In Goan v. Mills, No. E2016-01206-COA-R3-CV (Tenn. Ct. App. Mar. 24, 2017), the Court of Appeals affirmed the trial court’s decision to enforce a settlement agreement in a car accident case.
Plaintiff was rear-ended by defendant while plaintiff was delivering mail. Plaintiff brought this action, and settlement negotiations between the parties’ attorneys ensued. Plaintiff’s counsel sent a letter in April 2013 stating that plaintiff “had an agreement with comp that we can settle this case now…If there is only $100,000 in insurance, I would demand the policy limits primarily because of workers comp.” In August, plaintiff’s lawyer again wrote: “I go back to demanding the limits which I believe is $100,000 but as we discussed I need a firm number from you to figure out compromising the comp claim.” Plaintiff’s counsel wrote two more times demanding the policy limit of $100,000, and in December 2013, defense counsel wrote a letter accepting the settlement demand.
Seven months later, in July 2014, plaintiffs’ counsel wrote to defendant again, stating that “you and I have your case settled,” and mentioning for the first time an uninsured motorist claim on behalf of plaintiff. More than 18 months later, defendant filed a motion to enforce the settlement agreement, and plaintiff responded, alleging that “[a]lthough the plaintiffs’ counsel requested that [defense counsel] provide proof of the limits of the policy, [counsel] failed to do so,” and that “given the extent of plaintiff[‘s]…injuries, the sum of $100,000.00 does not adequately compensate the plaintiffs.”
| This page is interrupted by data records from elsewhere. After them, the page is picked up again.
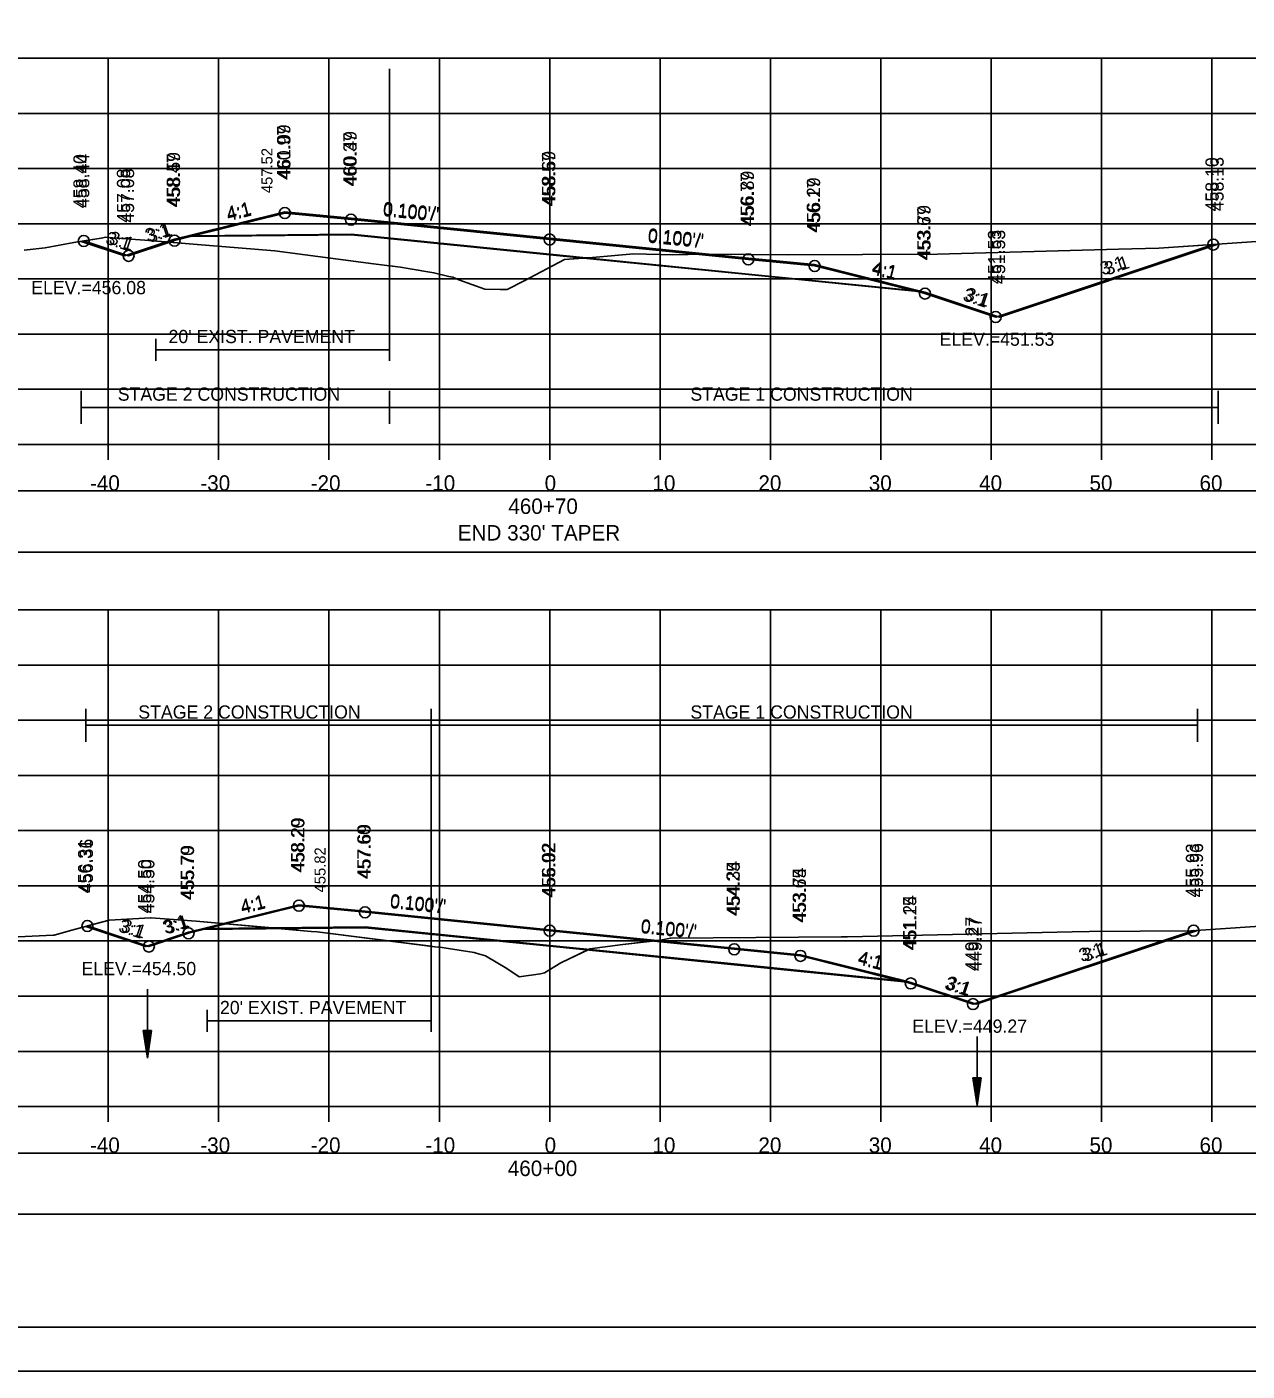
# Model space of a CAD drawing. Extents: x 1376273 to 1384221, y 378927 to 384592.
# Drawn here: x 1384010.5 to 1384121.1, y 380538.5 to 380660.3 of the extents above; entities that cross this region are included whole.
import ezdxf

# ---------------------------------------------------------------- set-up
doc = ezdxf.new("R2010")
doc.units = 0
for name, color, linetype in [('R_Alt Surface', 7, 'Continuous'), ('R_Axis', 7, 'Continuous'), ('R_Axis Annot', 7, 'Continuous'), ('R_Border', 7, 'Continuous'), ('R_Border Notes', 7, 'Continuous'), ('R_Contours', 7, 'Continuous'), ('R_Dimension', 7, 'Continuous'), ('R_Exist Surface', 7, 'Continuous'), ('R_Fin Surface', 7, 'Continuous'), ('R_Grid', 7, 'Continuous'), ('R_No Plot', 7, 'Continuous'), ('R_Water', 7, 'Continuous'), ('R_Xsect Elev', 7, 'Continuous'), ('R_Xsect Slope', 7, 'Continuous'), ('T_Detection Zones', 7, 'Continuous')]:
    doc.layers.add(name, color=color, linetype=linetype)

msp = doc.modelspace()

# ---------------------------------------------------------------- linework, layer by layer
at = {"layer": 'R_Alt Surface'}
for points in [[(1384025.6, 380641.39), (1384039.91, 380641.53), (1384057.91, 380639.73), (1384075.91, 380637.93), (1384090.8, 380636.44)], [(1384022.22, 380632.06), (1384022.22, 380630.06)], [(1384022.22, 380631.06), (1384043.4, 380631.06)], [(1384043.4, 380632.06), (1384043.4, 380630.06)], [(1384026.87, 380578.61), (1384041.18, 380578.76), (1384057.91, 380577.08), (1384074.63, 380575.41), (1384089.52, 380573.92)], [(1384026.88, 380571.25), (1384026.88, 380569.25)], [(1384047.17, 380571.25), (1384047.17, 380569.25)], [(1384026.88, 380570.25), (1384047.17, 380570.25)]]:
    msp.add_lwpolyline(points, dxfattribs=at)
at = {"layer": 'R_Axis'}
for p, q in [((1383907.91, 380622.49), (1384207.91, 380622.49)), ((1384017.91, 380621.09), (1384017.91, 380622.49)), ((1384027.91, 380621.09), (1384027.91, 380622.49)), ((1384037.91, 380621.09), (1384037.91, 380622.49)), ((1384047.91, 380621.09), (1384047.91, 380622.49)), ((1384057.91, 380621.09), (1384057.91, 380622.49)), ((1384067.91, 380621.09), (1384067.91, 380622.49)), ((1384077.91, 380621.09), (1384077.91, 380622.49)), ((1384087.91, 380621.09), (1384087.91, 380622.49)), ((1384097.91, 380621.09), (1384097.91, 380622.49)), ((1384107.91, 380621.09), (1384107.91, 380622.49)), ((1384117.91, 380621.09), (1384117.91, 380622.49)), ((1383907.91, 380562.49), (1384207.91, 380562.49)), ((1384017.91, 380561.09), (1384017.91, 380562.49)), ((1384027.91, 380561.09), (1384027.91, 380562.49)), ((1384037.91, 380561.09), (1384037.91, 380562.49)), ((1384047.91, 380561.09), (1384047.91, 380562.49)), ((1384057.91, 380561.09), (1384057.91, 380562.49)), ((1384067.91, 380561.09), (1384067.91, 380562.49)), ((1384077.91, 380561.09), (1384077.91, 380562.49)), ((1384087.91, 380561.09), (1384087.91, 380562.49)), ((1384097.91, 380561.09), (1384097.91, 380562.49)), ((1384107.91, 380561.09), (1384107.91, 380562.49)), ((1384117.91, 380561.09), (1384117.91, 380562.49))]:
    msp.add_line(p, q, dxfattribs=at)
at = {"layer": 'R_Axis Annot'}
for points in [[(1383907.13, 380612.74), (1384208.93, 380612.74), (1384208.93, 380618.27), (1383907.13, 380618.27)], [(1383907.13, 380552.74), (1384208.93, 380552.74), (1384208.93, 380558.26), (1383907.13, 380558.26)]]:
    msp.add_lwpolyline(points, close=True, dxfattribs=at)
at = {"layer": 'R_Border'}
msp.add_line((1384216.09, 380542.49), (1383899.91, 380542.49), dxfattribs=at)
at = {"layer": 'R_Contours'}
for p, q in [((1384015.69, 380640.93), (1384019.75, 380639.58)), ((1384019.75, 380639.58), (1384023.48, 380640.82)), ((1384039.91, 380641.53), (1384025.6, 380641.39)), ((1384043.4, 380641.18), (1384039.91, 380641.53)), ((1384057.91, 380639.73), (1384043.4, 380641.18)), ((1384043.4, 380641.18), (1384043.4, 380638.68)), ((1384043.4, 380638.68), (1384043.4, 380641.18)), ((1384061.2, 380639.4), (1384057.91, 380639.73)), ((1384061.2, 380639.4), (1384075.91, 380637.93)), ((1384075.91, 380637.93), (1384090.8, 380636.44)), ((1384026.87, 380578.61), (1384032.8, 380578.67)), ((1384041.18, 380578.76), (1384032.8, 380578.67)), ((1384047.17, 380578.16), (1384041.18, 380578.76)), ((1384057.91, 380577.08), (1384047.17, 380578.16)), ((1384047.17, 380578.16), (1384047.17, 380577.01)), ((1384047.17, 380577.01), (1384047.17, 380578.16)), ((1384061.45, 380576.73), (1384057.91, 380577.08))]:
    msp.add_line(p, q, dxfattribs=at)
for points in [[(1384023.48, 380640.82), (1384021.22, 380641.01), (1384018.29, 380641.22), (1384017.7, 380641.26), (1384017.26, 380641.19), (1384015.69, 380640.93)], [(1384025.6, 380641.39), (1384023.91, 380640.96), (1384023.48, 380640.82)], [(1384023.48, 380640.82), (1384025.25, 380640.68), (1384032.99, 380640.02), (1384041.93, 380638.87), (1384043.4, 380638.68)], [(1384118.03, 380640.6), (1384113.11, 380640.26), (1384109.44, 380640.18), (1384093.04, 380639.74), (1384079.45, 380639.68), (1384071.86, 380639.73), (1384071.36, 380639.72), (1384069.08, 380639.68), (1384065.51, 380639.76), (1384061.8, 380639.44), (1384061.2, 380639.4)], [(1384090.8, 380636.44), (1384091.91, 380636.16), (1384098.32, 380634.03), (1384118.03, 380640.6)], [(1384043.4, 380638.68), (1384044.4, 380638.55), (1384045.09, 380638.42), (1384047.42, 380638.05), (1384048.76, 380637.72), (1384049.14, 380637.64), (1384049.69, 380637.42), (1384052.02, 380636.56), (1384053.42, 380636.54), (1384054.04, 380636.54), (1384055.61, 380637.3), (1384059.25, 380639.26), (1384061.2, 380639.4)], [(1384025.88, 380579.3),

The trial court granted the motion to enforce the settlement agreement, finding that “an enforceable contract was entered into among the parties to settle the plaintiffs’ claims[.]” The Court of Appeals affirmed.
On appeal, plaintiff asserted that “there was no meeting of the minds, and therefore no valid contract, because Defendant did not provide a copy of the declarations page of his liability insurance policy.” Defendants, on the other hand, argued that “plaintiffs’ counsel never requested this document before settling the case[.]” Plaintiff wanted to rely on Tenn. Code Ann. § 56-7-1206 to assert an uninsured motorist claim for the portion of his damages not covered by defendant’s $100,000 insurance policy. Subsection (g)(2) of that statute requires the insurance company of a party being released to “give written notice of offer to the insured’s uninsured motorist insurance carrier” and provide certain verifications to the same. Plaintiff argued that because defendant did not comply with this statutory requirement, the settlement was unenforceable.
The Court of Appeals rejected this argument, reasoning:
[T]here is no documented reference to a potential claim by Plaintiffs under their uninsured/underinsured motorist policy until after the settlement agreement was reached. The first reference in the record to such a potential claim is the letter written by Plaintiffs’ counsel on July 24, 2014, long after the agreement on December 4, 2013. …Thus, there is no indication that the parties were ‘proposing to accomplish a settlement pursuant to this section’ of Tenn. Code Ann. § 56-7-1206, and it is inapplicable under the circumstances of this case.
The Court also noted in its analysis that defense counsel wrote a letter accepting the settlement agreement in December 2013, and that “[m]ore than seven months passed with no objection from Plaintiffs[.]” Further, the Court of Appeals quoted language from the trial court, stating: “And then here’s the crystal clearest language you could ever have. ‘You and I have your case settled.’ I can’t interpret it any other way.” The enforcement of the settlement agreement was thus affirmed.
It is important to know that the defense lawyer represented that he did not know of a possible UM claim or the UM limits before writing his letter confirming that a settlement had been reached.
Sad for all concerned – except Tennessee Farmers.